景昔站在老榆树下时,陆雯月有一时恍惚,半晌,终是莞尔一笑启口:“殿下果然聪慧过人。”
“老臣,见过九殿下。”范琛拱手垂眸,心中隐隐不安。
此次圣上亲令是要捉拿逆贼叶云詹,十万邺军,只为一人,屠尽青云弟子,可知圣上对其心有余悸。
如今事发突然,人未捉到,却寻得失踪多年九公主,来日归了朝,等待他的不知是“赏”还是“罚”。
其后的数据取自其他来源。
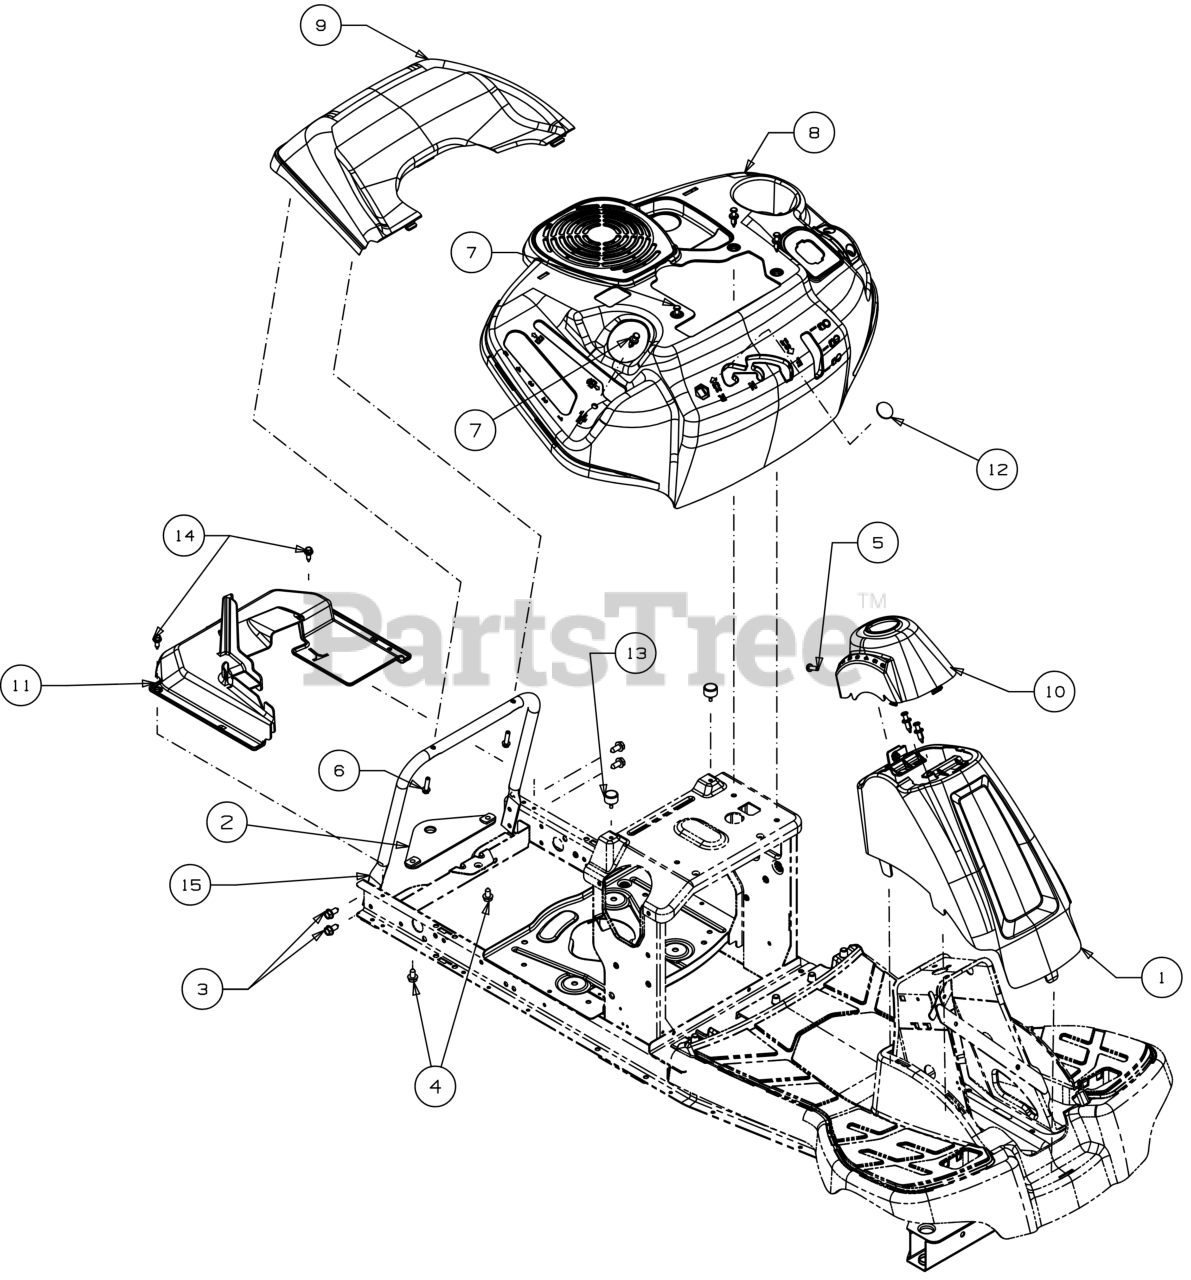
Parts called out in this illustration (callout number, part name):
1	COLUMN COVER ASSEMBLY (MTD RED)
3	SCREW 5/16-18 x .750
4	SCREW 5/16-18 x .625
5	SCREW 1/4-20X.75
6	SCREW 1/4-15 x 1.00
7	PLASTIC RIVET
8	FENDER ASSEMBLY
9	REAR COVER
10	COLUMN STEERING CAP
11	DRIVE OVER REAR
12	CHOKE PLUG
13	BUMPER .62 DIA x .50
14	SHOULDER SCREW

景昔上马车时,却是突然回头,望向身后女人低声:“师姑叫何名字?”
她向来直接,说话直接,做事直接,为人,更直接。
这番直接,让陆雯月怔了半刻,方才道:“臣,姓陆名雯月。”
“陆雯月?”景昔皱眉,放了车帘靠在软垫上。
这名字昨夜好似听师父提及过,但那笛子下的“兰”字,又是何意?
蕙质兰心?还是芝兰玉树?还是说,这是师姑字号?
景昔摇了摇脑袋,觉得自己可笑至极,都这般时刻了还在琢磨这些芝麻琐事,是执念于心,才会事事牵制,做何、说何,都念念不忘,这根深蒂固意念,自此便要洒入汪洋,沉入肺腑,锁进心房。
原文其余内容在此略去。